_Task objective_
Each line of the data that includes "color" must be copied.

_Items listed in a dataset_

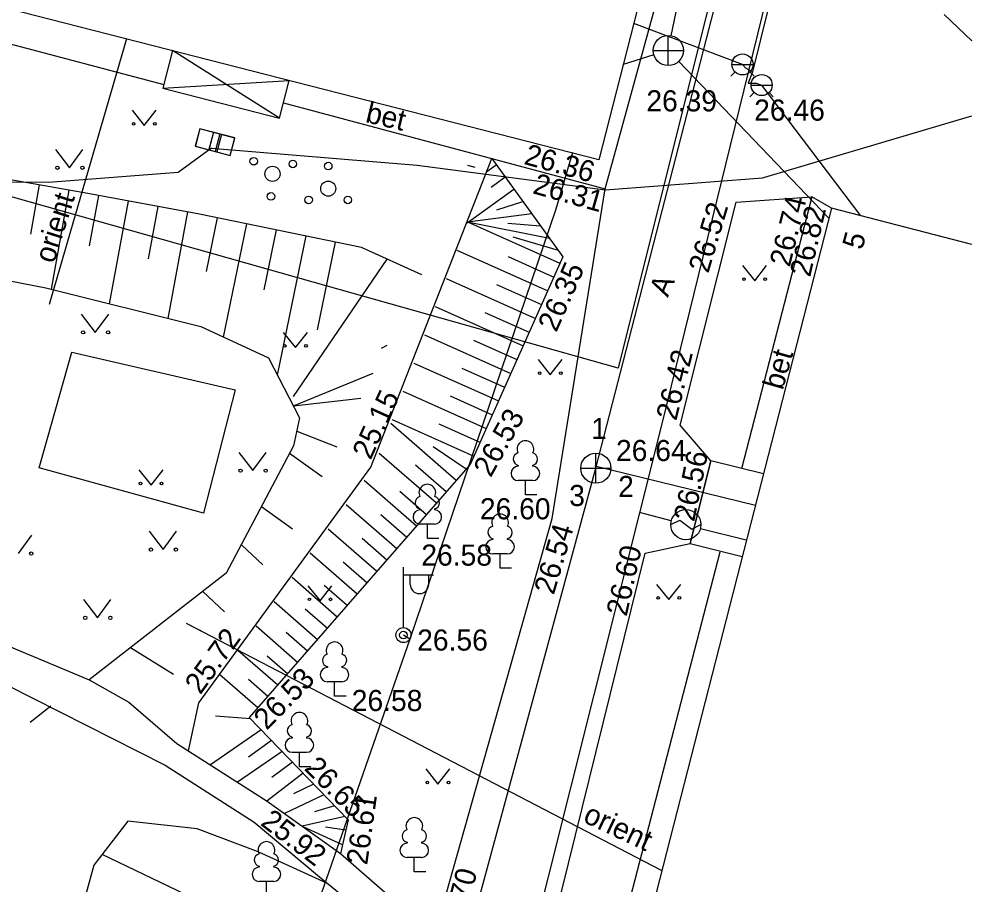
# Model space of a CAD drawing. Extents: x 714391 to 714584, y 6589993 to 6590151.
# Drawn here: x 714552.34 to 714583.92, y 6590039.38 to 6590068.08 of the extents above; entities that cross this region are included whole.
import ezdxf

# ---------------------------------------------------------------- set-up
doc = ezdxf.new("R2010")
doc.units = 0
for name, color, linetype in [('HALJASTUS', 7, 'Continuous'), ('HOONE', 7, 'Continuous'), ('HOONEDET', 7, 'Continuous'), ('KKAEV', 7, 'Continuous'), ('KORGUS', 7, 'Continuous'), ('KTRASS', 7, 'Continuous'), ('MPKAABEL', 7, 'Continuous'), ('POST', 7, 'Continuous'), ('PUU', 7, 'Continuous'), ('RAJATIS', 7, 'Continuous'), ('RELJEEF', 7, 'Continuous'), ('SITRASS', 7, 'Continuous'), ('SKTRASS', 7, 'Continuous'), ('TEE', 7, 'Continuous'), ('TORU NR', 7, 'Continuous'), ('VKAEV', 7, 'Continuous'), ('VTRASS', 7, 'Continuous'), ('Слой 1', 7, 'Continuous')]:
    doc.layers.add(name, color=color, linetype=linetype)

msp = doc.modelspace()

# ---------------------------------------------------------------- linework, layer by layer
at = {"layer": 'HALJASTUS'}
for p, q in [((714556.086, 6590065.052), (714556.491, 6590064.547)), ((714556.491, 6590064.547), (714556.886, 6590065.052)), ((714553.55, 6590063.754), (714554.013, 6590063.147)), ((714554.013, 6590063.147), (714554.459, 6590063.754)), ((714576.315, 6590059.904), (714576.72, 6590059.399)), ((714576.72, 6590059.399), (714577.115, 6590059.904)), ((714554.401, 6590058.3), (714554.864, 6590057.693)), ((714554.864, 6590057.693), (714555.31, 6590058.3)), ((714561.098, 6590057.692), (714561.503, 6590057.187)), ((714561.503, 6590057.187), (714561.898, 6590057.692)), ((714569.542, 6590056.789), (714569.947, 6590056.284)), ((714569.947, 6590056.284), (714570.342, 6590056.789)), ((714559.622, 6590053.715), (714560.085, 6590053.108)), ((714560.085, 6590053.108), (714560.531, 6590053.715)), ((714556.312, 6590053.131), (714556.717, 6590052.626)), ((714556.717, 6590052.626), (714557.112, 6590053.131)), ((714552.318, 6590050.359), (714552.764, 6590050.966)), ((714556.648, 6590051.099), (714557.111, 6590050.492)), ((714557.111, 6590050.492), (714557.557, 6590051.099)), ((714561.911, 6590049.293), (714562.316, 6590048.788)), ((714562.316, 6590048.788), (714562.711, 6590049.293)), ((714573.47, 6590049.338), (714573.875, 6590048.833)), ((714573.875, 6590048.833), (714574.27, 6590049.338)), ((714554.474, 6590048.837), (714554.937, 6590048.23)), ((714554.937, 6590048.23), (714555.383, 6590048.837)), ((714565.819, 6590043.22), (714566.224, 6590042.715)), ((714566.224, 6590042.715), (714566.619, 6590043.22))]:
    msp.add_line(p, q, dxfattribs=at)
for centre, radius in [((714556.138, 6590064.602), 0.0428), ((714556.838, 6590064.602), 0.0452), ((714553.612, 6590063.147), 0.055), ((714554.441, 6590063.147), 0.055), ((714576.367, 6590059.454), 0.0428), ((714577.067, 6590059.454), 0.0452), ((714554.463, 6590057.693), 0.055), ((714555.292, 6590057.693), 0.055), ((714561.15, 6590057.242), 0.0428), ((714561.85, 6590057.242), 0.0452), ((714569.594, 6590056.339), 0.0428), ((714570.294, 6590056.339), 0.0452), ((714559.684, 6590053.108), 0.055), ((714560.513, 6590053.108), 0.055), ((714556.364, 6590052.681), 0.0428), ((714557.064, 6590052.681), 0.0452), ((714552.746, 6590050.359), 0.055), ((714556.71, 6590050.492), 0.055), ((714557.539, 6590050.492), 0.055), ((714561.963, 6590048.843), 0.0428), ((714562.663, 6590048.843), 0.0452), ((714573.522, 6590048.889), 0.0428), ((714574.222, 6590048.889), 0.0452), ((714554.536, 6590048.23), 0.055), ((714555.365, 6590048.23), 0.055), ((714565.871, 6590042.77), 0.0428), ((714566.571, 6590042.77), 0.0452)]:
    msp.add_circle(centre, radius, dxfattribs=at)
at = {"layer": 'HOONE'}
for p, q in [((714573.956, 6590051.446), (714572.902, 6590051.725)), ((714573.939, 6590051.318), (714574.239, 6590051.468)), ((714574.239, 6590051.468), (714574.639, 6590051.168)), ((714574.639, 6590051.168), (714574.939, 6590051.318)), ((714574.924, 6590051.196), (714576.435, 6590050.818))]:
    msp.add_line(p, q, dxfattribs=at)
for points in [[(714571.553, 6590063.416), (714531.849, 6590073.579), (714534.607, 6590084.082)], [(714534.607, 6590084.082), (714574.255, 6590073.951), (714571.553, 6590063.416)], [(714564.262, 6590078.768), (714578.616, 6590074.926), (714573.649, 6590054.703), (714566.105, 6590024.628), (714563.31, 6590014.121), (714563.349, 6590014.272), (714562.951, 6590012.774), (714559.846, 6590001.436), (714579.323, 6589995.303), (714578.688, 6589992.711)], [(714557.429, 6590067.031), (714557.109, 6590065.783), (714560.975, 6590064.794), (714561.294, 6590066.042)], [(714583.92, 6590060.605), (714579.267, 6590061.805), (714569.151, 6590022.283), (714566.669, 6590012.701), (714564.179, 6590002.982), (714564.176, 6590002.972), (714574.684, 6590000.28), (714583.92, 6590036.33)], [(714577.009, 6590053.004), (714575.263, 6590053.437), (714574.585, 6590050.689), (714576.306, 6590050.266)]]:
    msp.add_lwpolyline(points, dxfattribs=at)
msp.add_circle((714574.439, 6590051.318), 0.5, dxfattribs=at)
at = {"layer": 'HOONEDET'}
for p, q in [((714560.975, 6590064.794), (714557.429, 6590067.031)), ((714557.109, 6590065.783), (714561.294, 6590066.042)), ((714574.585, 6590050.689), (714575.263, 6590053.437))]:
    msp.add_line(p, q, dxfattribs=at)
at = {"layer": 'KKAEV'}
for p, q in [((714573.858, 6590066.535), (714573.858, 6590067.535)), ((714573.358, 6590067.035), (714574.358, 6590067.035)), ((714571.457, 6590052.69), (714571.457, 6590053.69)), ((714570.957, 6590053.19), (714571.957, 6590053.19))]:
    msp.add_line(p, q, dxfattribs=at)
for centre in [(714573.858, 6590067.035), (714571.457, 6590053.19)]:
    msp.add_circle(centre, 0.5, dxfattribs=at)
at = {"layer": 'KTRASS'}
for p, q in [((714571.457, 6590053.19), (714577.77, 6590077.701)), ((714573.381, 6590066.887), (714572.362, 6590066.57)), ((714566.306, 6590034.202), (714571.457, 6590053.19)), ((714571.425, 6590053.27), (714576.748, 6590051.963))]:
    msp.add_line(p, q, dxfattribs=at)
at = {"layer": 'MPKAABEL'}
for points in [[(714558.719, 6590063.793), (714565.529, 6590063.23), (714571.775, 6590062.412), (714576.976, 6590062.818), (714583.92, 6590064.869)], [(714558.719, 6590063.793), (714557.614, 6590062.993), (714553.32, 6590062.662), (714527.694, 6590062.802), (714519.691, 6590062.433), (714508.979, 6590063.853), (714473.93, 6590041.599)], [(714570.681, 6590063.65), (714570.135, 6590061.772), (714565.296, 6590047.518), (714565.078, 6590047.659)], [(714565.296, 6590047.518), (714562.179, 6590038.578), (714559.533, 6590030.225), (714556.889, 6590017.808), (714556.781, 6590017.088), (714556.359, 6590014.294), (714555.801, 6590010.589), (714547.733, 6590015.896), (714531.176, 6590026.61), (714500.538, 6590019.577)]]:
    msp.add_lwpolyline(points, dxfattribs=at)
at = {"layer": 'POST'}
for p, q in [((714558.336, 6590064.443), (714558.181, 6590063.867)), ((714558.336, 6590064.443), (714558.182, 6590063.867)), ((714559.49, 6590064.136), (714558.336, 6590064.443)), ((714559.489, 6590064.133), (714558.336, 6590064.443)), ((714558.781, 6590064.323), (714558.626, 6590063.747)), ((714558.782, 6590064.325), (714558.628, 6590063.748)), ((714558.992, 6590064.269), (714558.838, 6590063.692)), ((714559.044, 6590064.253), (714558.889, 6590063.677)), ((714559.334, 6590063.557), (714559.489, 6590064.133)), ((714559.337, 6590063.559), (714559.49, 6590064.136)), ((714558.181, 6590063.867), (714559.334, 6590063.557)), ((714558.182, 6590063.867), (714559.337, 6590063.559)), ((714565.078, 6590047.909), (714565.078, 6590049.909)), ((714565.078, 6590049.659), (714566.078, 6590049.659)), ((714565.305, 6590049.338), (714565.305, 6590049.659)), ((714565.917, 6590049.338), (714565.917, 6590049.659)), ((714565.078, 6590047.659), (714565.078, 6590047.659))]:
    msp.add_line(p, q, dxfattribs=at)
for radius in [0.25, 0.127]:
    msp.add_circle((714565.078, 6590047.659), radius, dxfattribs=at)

_Task result_
for name, color, linetype in [('HALJASTUS', 7, 'Continuous'), ('HOONE', 7, 'Continuous'), ('HOONEDET', 7, 'Continuous'), ('KKAEV', 7, 'Continuous'), ('KORGUS', 7, 'Continuous'), ('KTRASS', 7, 'Continuous'), ('MPKAABEL', 7, 'Continuous'), ('POST', 7, 'Continuous'), ('PUU', 7, 'Continuous'), ('RAJATIS', 7, 'Continuous'), ('RELJEEF', 7, 'Continuous'), ('SITRASS', 7, 'Continuous'), ('SKTRASS', 7, 'Continuous'), ('TEE', 7, 'Continuous'), ('TORU NR', 7, 'Continuous'), ('VKAEV', 7, 'Continuous'), ('VTRASS', 7, 'Continuous'), ('Слой 1', 7, 'Continuous')]:
    doc.layers.add(name, color=color, linetype=linetype)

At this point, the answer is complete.